THE REAL DEAL
Purchases dropped by record 49% YoY in Q1: Redfin
Another quarter, another sign of investors’ growing distrust in the housing market after a surge during the pandemic.
Investors purchased 48.6 percent fewer homes in the first quarter than they did a year earlier, according to a Redfin report. The annual decline is the largest recorded by Redfin, which has data going back to the start of the century.
Investors purchased roughly 41,000 homes in the first quarter, down from approximately 80,000 from a year ago. Investor purchases also dropped 15.9 percent from the previous quarter, more in line with the quarter-to-quarter drop in overall home purchases than the year-to-year decline.
The market share for investors remains high, at least by historic standards. In the 40 metros tracked by Redfin, investors bought 17.6 percent of the homes purchased in the overall market in the first quarter. The figure marked a marginal decline from the previous quarter and a more significant decline from the peak of 20 percent in 2022, but still above pre-pandemic levels.
Investors — and individuals — are still coping with high home prices and high mortgage rates, at least compared to the historically low rates that dominated the early months of the pandemic.
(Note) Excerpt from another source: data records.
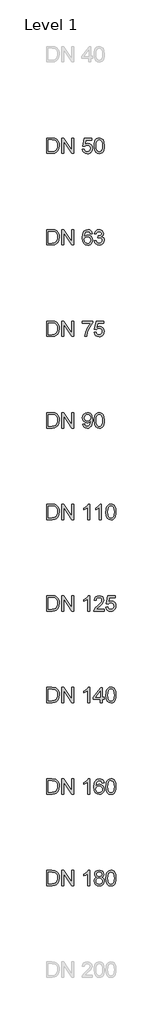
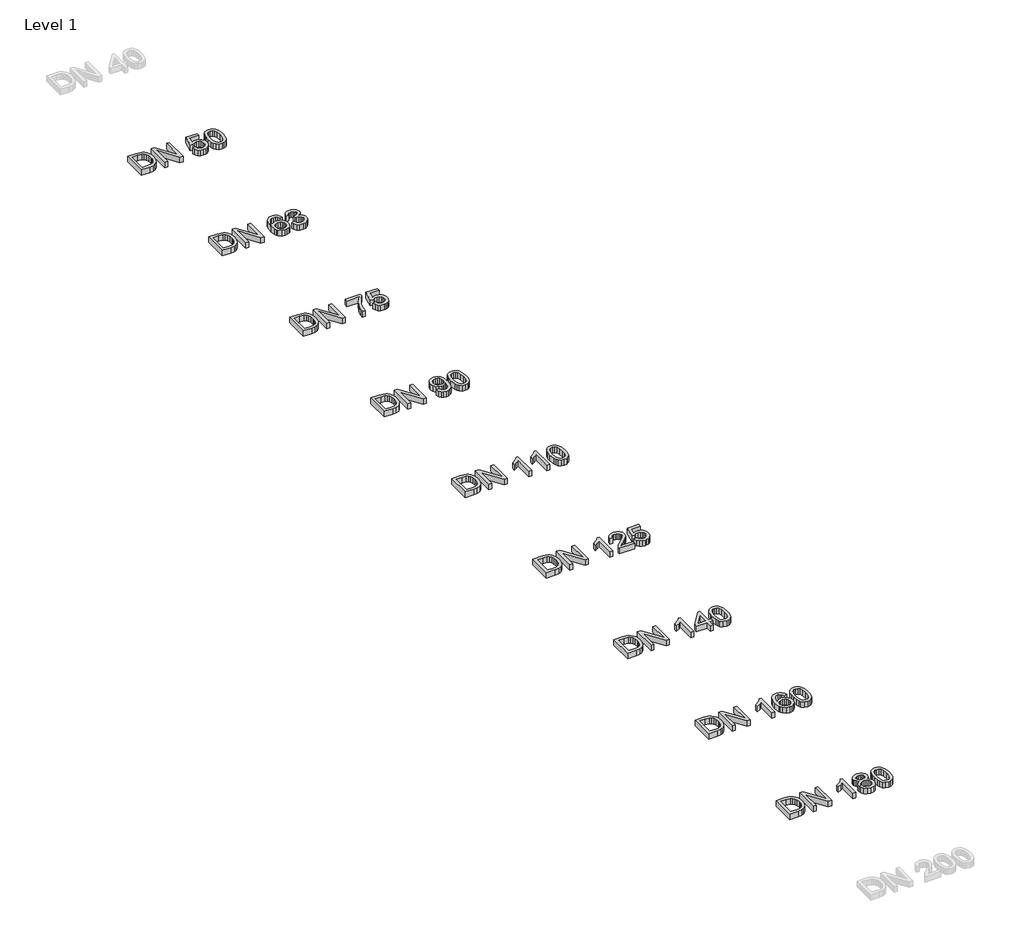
# One storey, part 10 of 17: 9 proxies.
"""IFC4 building model written with IfcOpenShell, lengths in millimetres."""

import ifcopenshell
import ifcopenshell.guid

model = None  # the IFC model being written
_history = None  # IfcOwnerHistory: only IFC2X3 demands one
_inside = {}  # id of a spatial element -> (the spatial element, [elements in it])
_under = {}  # id of a project, library or spatial element -> (it, [spatial elements below it])
_declared = {}  # id of a project -> (the project, [libraries it declares])
_typed = {}  # id of a type object -> (the type object, [elements of that type])
_made_of = {}  # id of a material, layer set ... -> (it, [elements and type objects made of it])


def new_model(schema):
    """Start an empty IFC model of exactly this schema.

    Asked for "IFC4X3", IfcOpenShell would pick the latest addendum, in which some entities
    have other attributes; the version numbers below select the first issue.
    IFC2X3 requires an IfcOwnerHistory on every rooted entity: one is made here for all.
    """
    global model, _history
    if schema == "IFC4X3":
        model = ifcopenshell.file(schema_version=(4, 3, 0, 0))
    else:
        model = ifcopenshell.file(schema=schema)
    _inside.clear()
    _under.clear()
    _declared.clear()
    _typed.clear()
    _made_of.clear()
    _history = None
    if model.schema == "IFC2X3":
        org = make("IfcOrganization", Name="unknown")
        user = make(
            "IfcPersonAndOrganization",
            ThePerson=make("IfcPerson", FamilyName="unknown"),
            TheOrganization=org,
        )
        app = make(
            "IfcApplication",
            ApplicationDeveloper=org,
            Version="unknown",
            ApplicationFullName="unknown",
            ApplicationIdentifier="unknown",
        )
        _history = make(
            "IfcOwnerHistory",
            OwningUser=user,
            OwningApplication=app,
            ChangeAction="ADDED",
            CreationDate=0,
        )
    return model


def make(cls, **values):
    """One entity of the class cls with the attributes given. An attribute that is None is left unset."""
    return model.create_entity(
        cls, **{name: value for name, value in values.items() if value is not None}
    )


def rooted(cls, **values):
    """An entity with a GlobalId (a new one), such as an element, a storey or a relation."""
    return make(cls, GlobalId=ifcopenshell.guid.new(), OwnerHistory=_history, **values)


def si_unit(unit_type, name, prefix=None):
    """IfcSIUnit, for example si_unit("LENGTHUNIT", "METRE", prefix="MILLI")."""
    return make("IfcSIUnit", UnitType=unit_type, Prefix=prefix, Name=name)


def assignment(units):
    """IfcUnitAssignment: the units of a project."""
    return None if units is None else make("IfcUnitAssignment", Units=units)


def point(xyz):
    """IfcCartesianPoint."""
    return None if xyz is None else make("IfcCartesianPoint", Coordinates=xyz)


def direction(xyz):
    """IfcDirection."""
    return None if xyz is None else make("IfcDirection", DirectionRatios=xyz)


def frame(location, z_axis=None, x_axis=None):
    """IfcAxis2Placement3D, a coordinate frame: its origin and axes. An axis left out is left unset."""
    return make(
        "IfcAxis2Placement3D",
        Location=point(location),
        Axis=direction(z_axis),
        RefDirection=direction(x_axis),
    )


def origin():
    """The frame at (0, 0, 0) with its axes left unset."""
    return frame((0.0, 0.0, 0.0))


def origin_with_axes():
    """The frame at (0, 0, 0) with the z axis (0, 0, 1) and the x axis (1, 0, 0) written out."""
    return frame((0.0, 0.0, 0.0), z_axis=(0.0, 0.0, 1.0), x_axis=(1.0, 0.0, 0.0))


def place(relative_to, where):
    """IfcLocalPlacement: puts the frame where relative to a parent placement (None: the world)."""
    return make(
        "IfcLocalPlacement", PlacementRelTo=relative_to, RelativePlacement=where
    )


def context(
    kind, dimensions, precision=None, world=None, true_north=None, identifier=None
):
    """IfcGeometricRepresentationContext, for example the 3D "Model" context."""
    return make(
        "IfcGeometricRepresentationContext",
        ContextIdentifier=identifier,
        ContextType=kind,
        CoordinateSpaceDimension=dimensions,
        Precision=precision,
        WorldCoordinateSystem=world,
        TrueNorth=true_north,
    )


def project(units=None, contexts=None):
    """IfcProject with its units and contexts."""
    return rooted(
        "IfcProject",
        Name="project",
        RepresentationContexts=contexts,
        UnitsInContext=assignment(units),
    )


def spatial(cls, under=None, at=None, **own):
    """A site, building, storey or space (cls), placed at a placement, below another one or the project."""
    s = rooted(cls, ObjectPlacement=at, **own)
    if under is not None:
        _under.setdefault(under.id(), (under, []))[1].append(s)
    return s


def polyline(points):
    """IfcPolyline through the points."""
    return make("IfcPolyline", Points=[point(p) for p in points])


def outline(outer, holes=None, kind="AREA"):
    """IfcArbitraryClosedProfileDef: a profile drawn as a closed curve; with holes, ...WithVoids."""
    if holes is None:
        return make("IfcArbitraryClosedProfileDef", ProfileType=kind, OuterCurve=outer)
    return make(
        "IfcArbitraryProfileDefWithVoids",
        ProfileType=kind,
        OuterCurve=outer,
        InnerCurves=holes,
    )


def extrude(swept, where, along, depth):
    """IfcExtrudedAreaSolid: the profile swept, set in the frame where, extruded along a direction by depth."""
    return make(
        "IfcExtrudedAreaSolid",
        SweptArea=swept,
        Position=where,
        ExtrudedDirection=direction(along),
        Depth=depth,
    )


def shape(context_of_items, identifier, shape_type, items):
    """IfcShapeRepresentation: the items that make up one representation, for example the "Body"."""
    return make(
        "IfcShapeRepresentation",
        ContextOfItems=context_of_items,
        RepresentationIdentifier=identifier,
        RepresentationType=shape_type,
        Items=items,
    )


def made_of(thing, what):
    """Note that an element or type object is made of a material, layer set ...; save() writes the relation."""
    if what is not None:
        _made_of.setdefault(what.id(), (what, []))[1].append(thing)
    return thing


def element(
    cls,
    number,
    at=None,
    inside=None,
    cuts=None,
    type_object=None,
    material=None,
    context=None,
    identifier="Body",
    shape_type=None,
    held_by="IfcProductDefinitionShape",
    body=None,
    shapes=None,
    **own,
):
    """One element of the class cls, such as IfcWall. Its Tag is "e" and its number.

    at: its placement. inside: the storey or other place that contains it. cuts: it is an
    opening in that element (IfcRelVoidsElement). A single representation is given by context,
    identifier, shape_type and body (its items); several are given by shapes. held_by: the class
    of the entity that holds the representations. save() writes the other relations.
    """
    e = rooted(cls, Tag="e%d" % number, ObjectPlacement=at, **own)
    if body is not None:
        shapes = [shape(context, identifier, shape_type, body)]
    if shapes is not None:
        e.Representation = make(held_by, Representations=shapes)
    if inside is not None:
        _inside.setdefault(inside.id(), (inside, []))[1].append(e)
    if cuts is not None:
        rooted(
            "IfcRelVoidsElement", RelatingBuildingElement=cuts, RelatedOpeningElement=e
        )
    if type_object is not None:
        _typed.setdefault(type_object.id(), (type_object, []))[1].append(e)
    return made_of(e, material)


def aggregate(whole, parts):
    """IfcRelAggregates: a whole, such as a stair, and the parts it consists of."""
    return rooted("IfcRelAggregates", RelatingObject=whole, RelatedObjects=parts)


def save(model, path):
    """Write the relations noted so far, then the file.

    IfcRelAggregates (storeys below a building ...), IfcRelContainedInSpatialStructure (elements
    in a storey), IfcRelDefinesByType, IfcRelAssociatesMaterial and IfcRelDeclares: one each for
    every whole, place, type object, material and project.
    """
    for whole, parts in _under.values():
        aggregate(whole, parts)
    for where, things in _inside.values():
        rooted(
            "IfcRelContainedInSpatialStructure",
            RelatedElements=things,
            RelatingStructure=where,
        )
    for kind, things in _typed.values():
        rooted("IfcRelDefinesByType", RelatedObjects=things, RelatingType=kind)
    for what, things in _made_of.values():
        rooted("IfcRelAssociatesMaterial", RelatedObjects=things, RelatingMaterial=what)
    for by, libraries in _declared.values():
        rooted("IfcRelDeclares", RelatingContext=by, RelatedDefinitions=libraries)
    model.write(path)


model = new_model("IFC4")

# Units and contexts
model_context = context("Model", 3, world=origin())
ifc_project = project(units=[si_unit("LENGTHUNIT", "METRE", prefix="MILLI")], contexts=[model_context])

# Site, building, storey
site = spatial("IfcSite", under=ifc_project)
building = spatial("IfcBuilding", under=site)
storey = spatial("IfcBuildingStorey", under=building, Name="Level 1", Elevation=0.0)

# Proxies
placement = place(None, origin())
element("IfcBuildingElementProxy", 1, Name="200mm Arial", ObjectType="200mm Arial", at=placement, inside=storey, context=model_context, shape_type="SweptSolid", body=[
    extrude(outline(polyline([(32539.3076926, -41313.949573), (32539.3076926, -41113.0369527), (32608.6166605, -41113.0369527), (32644.4728923, -41115.9309577), (32660.4880218, -41121.5105013), (32674.0015538, -41130.302881), (32687.8952305, -41145.606772), (32697.7912562, -41164.6385338), (32703.7141563, -41187.0302846), (32705.6884563, -41212.4141423), (32700.3419047, -41252.9547382), (32686.6076435, -41282.2136195), (32668.2625947, -41300.436041), (32644.2521631, -41310.5160077), (32611.9521239, -41313.949573), (32539.3076926, -41313.949573)]), holes=[polyline([(32564.4217702, -41288.8354954), (32608.8619152, -41288.8354954), (32641.1864798, -41285.2057264), (32659.8258342, -41274.9540815), (32668.5507689, -41264.0831685), (32675.1051998, -41250.0116822), (32679.207084, -41232.6783089), (32680.5743788, -41212.0217348), (32677.8949716, -41184.6513144), (32669.85675, -41164.4423301), (32657.9802929, -41150.5609162), (32643.7861793, -41142.1732067), (32608.1752021, -41138.1510302), (32564.4217702, -41138.1510302), (32564.4217702, -41288.8354954)])]), origin_with_axes(), (0.0, 0.0, 1.0), 50.0),
    extrude(outline(polyline([(32740.2203129, -41313.949573), (32740.2203129, -41113.0369527), (32767.100224, -41113.0369527), (32872.06922, -41272.2072292), (32872.06922, -41113.0369527), (32897.1832975, -41113.0369527), (32897.1832975, -41313.949573), (32870.3033864, -41313.949573), (32765.3343905, -41154.7302454), (32765.3343905, -41313.949573), (32740.2203129, -41313.949573)])), origin_with_axes(), (0.0, 0.0, 1.0), 50.0),
    extrude(outline(polyline([(33104.3744372, -41313.949573), (33079.2603597, -41313.949573), (33079.2603597, -41157.3789958), (33055.4706573, -41174.3260931), (33029.0322046, -41187.0057592), (33029.0322046, -41163.2651077), (33065.8449296, -41139.769711), (33079.315542, -41126.1948653), (33088.1876294, -41113.0369527), (33104.3744372, -41113.0369527), (33104.3744372, -41313.949573)])), origin_with_axes(), (0.0, 0.0, 1.0), 50.0),
    extrude(outline(polyline([(33292.7300188, -41166.4043674), (33267.6159412, -41169.5436271), (33258.1000603, -41148.5988789), (33246.7079812, -41140.7629924), (33232.9369318, -41138.1510302), (33210.2754009, -41144.2333458), (33200.8392277, -41153.8411973), (33193.1320999, -41167.066555), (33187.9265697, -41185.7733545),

Rising interest rates are among the factors inhibiting investors, partially because of how they affect purchases, but also how they affect other loans for renovations and expenses.
One home type of particular interest to investors is the starter home, defined as properties of 1,400 square feet or below. In the first quarter, 41.1 percent of investor purchases were starter homes, a record. The buying trends of these more affordable houses are blocking first-time buyers from enticing starter homes.
The biggest drop in investor purchases came in Long Island’s Nassau County, where they fell 67.9 percent year-over-year. Other metros to see a drop greater than 60 percent included Atlanta, Charlotte, Phoenix and Nashville.
No metros had an increase in investor purchases during the first quarter. Baltimore — the lone market to see such a gain in the fourth quarter — sported the smallest fall, down 8.8 percent year-over-year.
Investor market share declined year-over-year in nearly half of the metros analyzed. They had the highest market share in Miami, responsible for 30 percent of home purchases in the first quarter. Anaheim ranked third in investor market share at 22.6 percent.
Condos are making up a larger share of investor purchases. They made up 19.5 percent of investor purchases in the first quarter, the largest share in five years. Single-family homes made up 67.3 percent of investor purchases, the smallest share in six years.